My first attempt, using vim and a split screen with the old archive (which goes up to mid 2005) and the current archive (which starts in January 2005) and attempting to cut the pre-2005 stuff out of the old one into the new one didn’t work very well. I quickly bogged the machine down in extensive swapping.

So then I cut the old archive down to stop at the beginning of 2005 using

sed -n '0,/^From.*2005/p' < old.mbox > old.mbox_to_2005
head -n -1 old.mbox_to_2005 > old.mbox

and then catted the old and the current one together.

That’s when I discovered that mailman’s arch program, that regenerates archives from the mbox files, is a huge memory hog and also has a couple of bugs. First couple of times I tried to run it, it processed a few thousand messages and then died with a message about an empty module name. When I realized it was dying on the same message both times, I discovered that back in 2000 one of the mailing list users had a weird-ass bug in their mailer that was sending email with the header

Content-Type: TEXT/PLAIN; charset=".chrsc"
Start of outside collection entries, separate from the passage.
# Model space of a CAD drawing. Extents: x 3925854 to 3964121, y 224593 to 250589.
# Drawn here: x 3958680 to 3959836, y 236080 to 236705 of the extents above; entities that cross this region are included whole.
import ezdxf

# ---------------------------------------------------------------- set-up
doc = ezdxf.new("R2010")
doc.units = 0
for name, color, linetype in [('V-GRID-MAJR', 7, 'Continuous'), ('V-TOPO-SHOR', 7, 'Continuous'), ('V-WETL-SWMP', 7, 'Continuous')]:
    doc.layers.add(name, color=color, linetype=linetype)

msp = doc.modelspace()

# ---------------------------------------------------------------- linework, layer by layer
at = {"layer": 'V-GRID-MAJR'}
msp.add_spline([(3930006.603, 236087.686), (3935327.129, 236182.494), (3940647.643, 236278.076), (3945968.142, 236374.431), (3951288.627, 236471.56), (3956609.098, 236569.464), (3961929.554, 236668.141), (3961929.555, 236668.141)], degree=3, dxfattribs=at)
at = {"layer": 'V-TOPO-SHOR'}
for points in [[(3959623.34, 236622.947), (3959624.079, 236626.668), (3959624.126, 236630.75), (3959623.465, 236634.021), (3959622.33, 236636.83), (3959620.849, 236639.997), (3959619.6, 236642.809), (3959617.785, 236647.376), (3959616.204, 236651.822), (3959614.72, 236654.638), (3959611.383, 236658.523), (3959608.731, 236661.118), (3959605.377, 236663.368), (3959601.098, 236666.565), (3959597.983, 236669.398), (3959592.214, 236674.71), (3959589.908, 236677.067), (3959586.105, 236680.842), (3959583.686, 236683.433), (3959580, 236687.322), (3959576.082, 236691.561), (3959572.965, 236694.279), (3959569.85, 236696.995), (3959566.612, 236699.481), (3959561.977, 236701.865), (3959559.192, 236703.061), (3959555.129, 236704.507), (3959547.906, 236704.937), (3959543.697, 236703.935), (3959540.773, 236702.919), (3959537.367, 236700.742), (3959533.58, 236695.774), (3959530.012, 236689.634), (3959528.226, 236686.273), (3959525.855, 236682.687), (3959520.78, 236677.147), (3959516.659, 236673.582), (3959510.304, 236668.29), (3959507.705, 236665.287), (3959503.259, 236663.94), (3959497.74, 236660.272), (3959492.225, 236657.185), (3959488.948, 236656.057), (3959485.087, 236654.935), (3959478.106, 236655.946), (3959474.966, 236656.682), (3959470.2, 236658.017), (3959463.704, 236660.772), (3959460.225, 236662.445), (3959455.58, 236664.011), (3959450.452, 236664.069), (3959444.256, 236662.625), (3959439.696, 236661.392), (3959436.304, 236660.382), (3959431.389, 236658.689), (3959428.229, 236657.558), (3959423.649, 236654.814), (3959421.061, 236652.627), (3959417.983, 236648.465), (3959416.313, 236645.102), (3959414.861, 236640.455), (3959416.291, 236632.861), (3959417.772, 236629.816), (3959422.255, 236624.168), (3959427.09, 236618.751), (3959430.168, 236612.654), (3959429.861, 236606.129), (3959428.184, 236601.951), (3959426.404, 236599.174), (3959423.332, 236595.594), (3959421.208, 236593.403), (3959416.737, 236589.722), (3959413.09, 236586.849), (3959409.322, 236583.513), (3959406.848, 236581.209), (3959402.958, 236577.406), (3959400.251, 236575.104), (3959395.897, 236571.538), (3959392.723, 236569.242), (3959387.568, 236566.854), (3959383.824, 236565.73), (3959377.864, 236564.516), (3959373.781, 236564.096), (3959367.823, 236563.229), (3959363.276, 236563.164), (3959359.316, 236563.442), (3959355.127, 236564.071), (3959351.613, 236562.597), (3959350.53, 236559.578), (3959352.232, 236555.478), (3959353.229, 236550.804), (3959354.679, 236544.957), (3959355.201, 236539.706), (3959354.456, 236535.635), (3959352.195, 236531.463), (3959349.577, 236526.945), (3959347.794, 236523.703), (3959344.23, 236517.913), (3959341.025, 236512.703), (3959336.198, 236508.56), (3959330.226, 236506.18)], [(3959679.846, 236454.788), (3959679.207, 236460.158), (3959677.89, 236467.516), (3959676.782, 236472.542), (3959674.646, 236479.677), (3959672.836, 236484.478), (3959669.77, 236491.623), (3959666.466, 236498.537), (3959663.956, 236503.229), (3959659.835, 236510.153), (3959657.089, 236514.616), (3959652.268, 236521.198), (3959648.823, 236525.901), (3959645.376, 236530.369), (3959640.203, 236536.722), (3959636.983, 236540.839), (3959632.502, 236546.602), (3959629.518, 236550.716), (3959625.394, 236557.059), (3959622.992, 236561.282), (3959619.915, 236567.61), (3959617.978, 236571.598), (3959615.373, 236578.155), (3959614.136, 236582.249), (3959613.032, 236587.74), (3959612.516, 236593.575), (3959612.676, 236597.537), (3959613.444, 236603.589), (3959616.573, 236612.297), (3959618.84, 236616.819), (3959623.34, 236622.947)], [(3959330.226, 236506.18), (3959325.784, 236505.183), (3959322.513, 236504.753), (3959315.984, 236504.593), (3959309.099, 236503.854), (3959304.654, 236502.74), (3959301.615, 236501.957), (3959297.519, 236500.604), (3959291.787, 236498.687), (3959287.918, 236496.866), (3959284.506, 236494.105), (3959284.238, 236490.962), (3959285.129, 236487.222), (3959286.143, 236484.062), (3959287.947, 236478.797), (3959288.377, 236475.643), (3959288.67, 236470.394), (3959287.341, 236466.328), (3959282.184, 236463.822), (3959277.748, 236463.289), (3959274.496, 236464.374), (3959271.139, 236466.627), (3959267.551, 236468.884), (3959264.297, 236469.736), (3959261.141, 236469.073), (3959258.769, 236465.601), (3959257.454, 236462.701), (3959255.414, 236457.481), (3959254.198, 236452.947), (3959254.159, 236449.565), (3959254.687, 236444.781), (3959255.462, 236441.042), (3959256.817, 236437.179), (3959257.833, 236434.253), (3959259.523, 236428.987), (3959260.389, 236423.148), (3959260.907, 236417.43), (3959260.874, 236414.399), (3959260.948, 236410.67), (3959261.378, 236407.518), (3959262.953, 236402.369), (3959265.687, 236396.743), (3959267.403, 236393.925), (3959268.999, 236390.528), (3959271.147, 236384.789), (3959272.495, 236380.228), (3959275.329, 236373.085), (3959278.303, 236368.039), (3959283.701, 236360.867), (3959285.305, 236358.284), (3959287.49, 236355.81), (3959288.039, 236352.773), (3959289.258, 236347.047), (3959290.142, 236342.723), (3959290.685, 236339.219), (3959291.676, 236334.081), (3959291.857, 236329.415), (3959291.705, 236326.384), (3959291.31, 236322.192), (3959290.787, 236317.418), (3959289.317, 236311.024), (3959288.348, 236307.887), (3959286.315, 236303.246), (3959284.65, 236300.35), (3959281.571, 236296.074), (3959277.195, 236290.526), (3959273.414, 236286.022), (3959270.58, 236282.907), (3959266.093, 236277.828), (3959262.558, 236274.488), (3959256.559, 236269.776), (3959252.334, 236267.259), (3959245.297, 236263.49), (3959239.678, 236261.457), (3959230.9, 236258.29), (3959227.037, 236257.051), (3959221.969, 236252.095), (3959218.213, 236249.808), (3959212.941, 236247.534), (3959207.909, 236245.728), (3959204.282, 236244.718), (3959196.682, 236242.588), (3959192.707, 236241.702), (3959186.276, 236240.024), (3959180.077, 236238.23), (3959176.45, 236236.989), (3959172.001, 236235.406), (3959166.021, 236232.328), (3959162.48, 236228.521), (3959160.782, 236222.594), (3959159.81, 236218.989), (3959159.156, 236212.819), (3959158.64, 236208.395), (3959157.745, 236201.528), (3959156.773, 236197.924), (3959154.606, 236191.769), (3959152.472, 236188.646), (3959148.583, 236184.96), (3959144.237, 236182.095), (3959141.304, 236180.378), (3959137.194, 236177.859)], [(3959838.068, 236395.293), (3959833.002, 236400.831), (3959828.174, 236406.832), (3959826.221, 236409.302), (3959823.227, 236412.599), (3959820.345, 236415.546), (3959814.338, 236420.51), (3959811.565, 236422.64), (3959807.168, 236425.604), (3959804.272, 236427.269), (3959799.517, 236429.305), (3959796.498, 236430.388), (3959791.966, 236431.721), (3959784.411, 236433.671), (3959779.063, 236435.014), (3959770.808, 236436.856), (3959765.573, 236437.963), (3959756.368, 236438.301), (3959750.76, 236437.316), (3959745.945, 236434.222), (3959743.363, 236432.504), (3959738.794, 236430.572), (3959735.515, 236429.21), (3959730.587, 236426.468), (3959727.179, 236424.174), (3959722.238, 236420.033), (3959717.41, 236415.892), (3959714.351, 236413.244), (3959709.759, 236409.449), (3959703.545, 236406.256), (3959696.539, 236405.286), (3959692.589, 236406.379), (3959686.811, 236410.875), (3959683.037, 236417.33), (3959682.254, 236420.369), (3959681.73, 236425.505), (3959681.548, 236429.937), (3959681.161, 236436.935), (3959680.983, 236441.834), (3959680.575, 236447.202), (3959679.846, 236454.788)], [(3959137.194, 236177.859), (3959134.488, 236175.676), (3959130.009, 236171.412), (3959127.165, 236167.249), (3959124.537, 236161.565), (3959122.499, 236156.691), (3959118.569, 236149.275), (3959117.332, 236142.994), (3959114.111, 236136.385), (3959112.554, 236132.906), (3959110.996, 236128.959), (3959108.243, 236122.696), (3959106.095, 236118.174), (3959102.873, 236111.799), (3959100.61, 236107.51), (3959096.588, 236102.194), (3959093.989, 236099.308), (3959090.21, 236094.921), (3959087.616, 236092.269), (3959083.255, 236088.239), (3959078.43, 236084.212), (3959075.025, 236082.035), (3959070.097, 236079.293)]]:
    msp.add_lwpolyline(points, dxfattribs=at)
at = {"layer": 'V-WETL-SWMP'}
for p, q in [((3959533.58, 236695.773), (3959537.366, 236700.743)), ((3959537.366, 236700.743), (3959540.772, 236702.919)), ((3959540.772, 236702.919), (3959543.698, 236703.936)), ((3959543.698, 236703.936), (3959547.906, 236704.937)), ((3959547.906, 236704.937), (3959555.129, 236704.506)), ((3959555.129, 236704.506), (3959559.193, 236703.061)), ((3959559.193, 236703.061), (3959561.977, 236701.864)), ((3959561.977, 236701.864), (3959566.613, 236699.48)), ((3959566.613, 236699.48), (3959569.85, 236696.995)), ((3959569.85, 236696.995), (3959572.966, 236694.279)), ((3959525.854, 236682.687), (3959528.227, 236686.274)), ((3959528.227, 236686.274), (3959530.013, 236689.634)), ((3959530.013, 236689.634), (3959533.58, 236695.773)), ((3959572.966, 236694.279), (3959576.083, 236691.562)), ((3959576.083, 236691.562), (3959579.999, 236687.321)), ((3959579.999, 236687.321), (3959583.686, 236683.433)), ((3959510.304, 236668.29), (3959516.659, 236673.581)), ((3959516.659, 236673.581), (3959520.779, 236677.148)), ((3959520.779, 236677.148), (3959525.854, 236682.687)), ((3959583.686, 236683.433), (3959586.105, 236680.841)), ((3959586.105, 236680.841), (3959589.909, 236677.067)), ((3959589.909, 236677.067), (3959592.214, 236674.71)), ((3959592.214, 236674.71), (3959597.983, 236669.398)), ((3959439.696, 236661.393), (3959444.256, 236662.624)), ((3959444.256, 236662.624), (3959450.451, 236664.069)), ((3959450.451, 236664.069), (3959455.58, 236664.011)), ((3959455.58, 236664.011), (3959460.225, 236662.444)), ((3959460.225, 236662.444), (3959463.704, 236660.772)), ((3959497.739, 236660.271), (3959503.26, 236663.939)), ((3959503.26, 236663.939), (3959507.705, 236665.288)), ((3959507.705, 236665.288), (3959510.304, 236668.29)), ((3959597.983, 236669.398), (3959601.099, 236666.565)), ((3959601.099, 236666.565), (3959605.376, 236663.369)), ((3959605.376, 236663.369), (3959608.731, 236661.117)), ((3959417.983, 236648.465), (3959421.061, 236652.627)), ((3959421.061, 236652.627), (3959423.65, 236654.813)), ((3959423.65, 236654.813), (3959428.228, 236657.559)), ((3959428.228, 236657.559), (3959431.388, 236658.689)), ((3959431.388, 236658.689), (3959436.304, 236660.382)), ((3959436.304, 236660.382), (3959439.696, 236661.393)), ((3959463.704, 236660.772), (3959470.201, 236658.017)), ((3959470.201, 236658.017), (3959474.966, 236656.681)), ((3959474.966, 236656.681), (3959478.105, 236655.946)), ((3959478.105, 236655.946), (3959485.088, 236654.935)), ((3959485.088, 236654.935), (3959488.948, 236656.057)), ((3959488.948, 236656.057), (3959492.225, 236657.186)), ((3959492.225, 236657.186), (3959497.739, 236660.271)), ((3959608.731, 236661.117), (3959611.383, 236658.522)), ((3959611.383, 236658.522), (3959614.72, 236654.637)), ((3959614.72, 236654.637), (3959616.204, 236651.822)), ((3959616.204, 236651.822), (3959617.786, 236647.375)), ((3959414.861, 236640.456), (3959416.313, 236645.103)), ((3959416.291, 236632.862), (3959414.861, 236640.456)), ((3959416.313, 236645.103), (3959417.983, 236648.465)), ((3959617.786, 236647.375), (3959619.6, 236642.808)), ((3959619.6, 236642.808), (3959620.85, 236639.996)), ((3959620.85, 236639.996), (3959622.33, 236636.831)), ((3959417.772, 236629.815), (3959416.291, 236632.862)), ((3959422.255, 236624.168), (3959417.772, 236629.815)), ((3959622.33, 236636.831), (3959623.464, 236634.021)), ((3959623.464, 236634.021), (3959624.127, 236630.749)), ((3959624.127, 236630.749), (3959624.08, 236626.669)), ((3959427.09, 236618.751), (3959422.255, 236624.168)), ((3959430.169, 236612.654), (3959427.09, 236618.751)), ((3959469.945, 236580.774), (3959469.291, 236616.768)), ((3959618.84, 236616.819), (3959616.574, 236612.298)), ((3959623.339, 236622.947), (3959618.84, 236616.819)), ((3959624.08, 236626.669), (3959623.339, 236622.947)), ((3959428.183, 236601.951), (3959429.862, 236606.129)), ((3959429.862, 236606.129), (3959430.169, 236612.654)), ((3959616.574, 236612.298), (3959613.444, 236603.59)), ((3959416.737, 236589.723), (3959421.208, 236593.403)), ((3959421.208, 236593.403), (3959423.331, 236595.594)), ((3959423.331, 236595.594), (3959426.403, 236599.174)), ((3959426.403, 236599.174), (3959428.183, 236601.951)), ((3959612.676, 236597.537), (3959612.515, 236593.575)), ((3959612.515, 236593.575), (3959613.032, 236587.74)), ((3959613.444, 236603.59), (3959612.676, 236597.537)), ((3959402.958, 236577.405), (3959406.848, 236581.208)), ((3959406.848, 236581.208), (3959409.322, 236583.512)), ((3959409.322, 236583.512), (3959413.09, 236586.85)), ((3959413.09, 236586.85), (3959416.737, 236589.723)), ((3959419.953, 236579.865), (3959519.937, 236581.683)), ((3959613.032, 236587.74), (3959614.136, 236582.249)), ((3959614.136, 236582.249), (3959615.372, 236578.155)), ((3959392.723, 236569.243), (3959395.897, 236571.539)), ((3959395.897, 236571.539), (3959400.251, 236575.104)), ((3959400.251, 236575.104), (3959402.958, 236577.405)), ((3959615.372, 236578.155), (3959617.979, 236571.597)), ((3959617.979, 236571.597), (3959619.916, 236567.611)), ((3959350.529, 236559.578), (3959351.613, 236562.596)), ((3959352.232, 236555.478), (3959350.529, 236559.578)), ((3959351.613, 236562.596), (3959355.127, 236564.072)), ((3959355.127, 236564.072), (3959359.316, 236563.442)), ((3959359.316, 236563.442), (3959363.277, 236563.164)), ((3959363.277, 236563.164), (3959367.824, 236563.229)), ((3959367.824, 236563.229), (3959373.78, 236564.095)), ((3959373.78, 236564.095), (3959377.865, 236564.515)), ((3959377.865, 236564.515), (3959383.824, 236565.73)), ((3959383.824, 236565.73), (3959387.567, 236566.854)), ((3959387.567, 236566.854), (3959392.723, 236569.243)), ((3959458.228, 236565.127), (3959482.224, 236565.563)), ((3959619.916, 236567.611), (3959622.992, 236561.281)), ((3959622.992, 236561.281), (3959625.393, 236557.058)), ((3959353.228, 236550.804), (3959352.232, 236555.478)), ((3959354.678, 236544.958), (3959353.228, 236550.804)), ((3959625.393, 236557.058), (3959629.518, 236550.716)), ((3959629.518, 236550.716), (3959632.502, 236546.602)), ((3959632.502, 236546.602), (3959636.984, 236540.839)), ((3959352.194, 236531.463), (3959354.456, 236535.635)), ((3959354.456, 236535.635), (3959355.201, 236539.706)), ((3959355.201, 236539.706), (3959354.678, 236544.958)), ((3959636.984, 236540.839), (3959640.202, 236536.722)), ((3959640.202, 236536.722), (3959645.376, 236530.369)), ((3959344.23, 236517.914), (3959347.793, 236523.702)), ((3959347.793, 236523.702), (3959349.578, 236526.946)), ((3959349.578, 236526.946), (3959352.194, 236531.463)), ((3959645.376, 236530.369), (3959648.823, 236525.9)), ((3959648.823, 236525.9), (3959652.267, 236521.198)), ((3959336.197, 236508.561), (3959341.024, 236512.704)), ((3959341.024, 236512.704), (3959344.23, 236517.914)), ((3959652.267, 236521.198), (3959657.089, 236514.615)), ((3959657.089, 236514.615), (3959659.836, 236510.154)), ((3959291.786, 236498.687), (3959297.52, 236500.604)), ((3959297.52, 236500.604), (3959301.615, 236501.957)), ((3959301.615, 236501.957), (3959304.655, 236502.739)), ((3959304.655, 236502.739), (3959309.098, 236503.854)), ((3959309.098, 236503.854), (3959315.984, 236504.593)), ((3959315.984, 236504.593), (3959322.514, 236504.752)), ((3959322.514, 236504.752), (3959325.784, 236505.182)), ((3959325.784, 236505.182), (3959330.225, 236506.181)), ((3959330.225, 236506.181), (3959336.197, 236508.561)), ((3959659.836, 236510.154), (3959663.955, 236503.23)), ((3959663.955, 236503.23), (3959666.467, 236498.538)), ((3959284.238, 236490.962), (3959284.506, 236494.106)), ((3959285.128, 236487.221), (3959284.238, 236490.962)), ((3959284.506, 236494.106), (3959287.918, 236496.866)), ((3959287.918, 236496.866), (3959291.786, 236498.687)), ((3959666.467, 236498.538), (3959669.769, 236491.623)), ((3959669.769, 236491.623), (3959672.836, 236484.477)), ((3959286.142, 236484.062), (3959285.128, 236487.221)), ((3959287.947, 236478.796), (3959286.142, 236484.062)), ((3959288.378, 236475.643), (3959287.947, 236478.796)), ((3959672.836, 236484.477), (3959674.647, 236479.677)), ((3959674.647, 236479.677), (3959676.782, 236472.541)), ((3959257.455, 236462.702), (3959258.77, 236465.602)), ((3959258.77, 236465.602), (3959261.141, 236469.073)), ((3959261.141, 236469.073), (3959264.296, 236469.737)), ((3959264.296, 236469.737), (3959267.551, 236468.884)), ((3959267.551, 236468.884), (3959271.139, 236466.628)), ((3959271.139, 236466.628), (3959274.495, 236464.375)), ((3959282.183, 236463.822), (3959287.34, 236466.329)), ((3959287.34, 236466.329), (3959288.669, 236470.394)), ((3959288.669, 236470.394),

Evidently some sort of misconfigured character set. I used sed to change that to “us-ascii” and arch seemed a lot happier. At least until it happily consumed all the ram and most of the swap on the system. Everything dragged down to slower than a very slow thing.

I found some awk code to split up mbox files into smaller chunks, and set it to run on this huge unified archive, and then ran arch on the chunks. That mostly worked, and only slowed the server down to a not-very-slow thing, except that arch did the wrong thing on any line that started with “From ” that wasn’t the start of a mail message. I didn’t discover this until it had been running for quite some time, so I had to start again.

I used my extensive knowledge of awk (in other words, I cargo culted something) to make the mbox splitter also change any of these bogus “From ” lines into “>From “. After another hour or so of running I discovered a small bug in my splitter that meant it worked for early archives and not for later archives, probably due to a mailman upgrade or when I switched from sendmail to postfix.

So I fixed that bug, and started again. It’s been running for over an hour now, and seems to be working fine. Well, except for 5 or 6 messages that came in January 2000 that had the year set to “100″, and one place where somebody actually quoted a mailbox header without putting a “>” at the beginning. Minor inconveniences.

I guess tomorrow morning I’ll have to check that the archive is correct, and the nightly backups worked. But for now, I’m going to bed.

Today’s interesting discovery

Sunday, December 3rd, 2006

If you want to cut the first 9854797 lines of one file, and put them at the beginning of a 3023304 line file, opening them both up in vim and cutting and pasting from one to the other is probably not the most efficient way to do it. It’s been pasting for a while, and my load average is up over 8 and I’m using 1.4Gb of swap.

Maybe I should kill this and figure out how to do it with awk or something.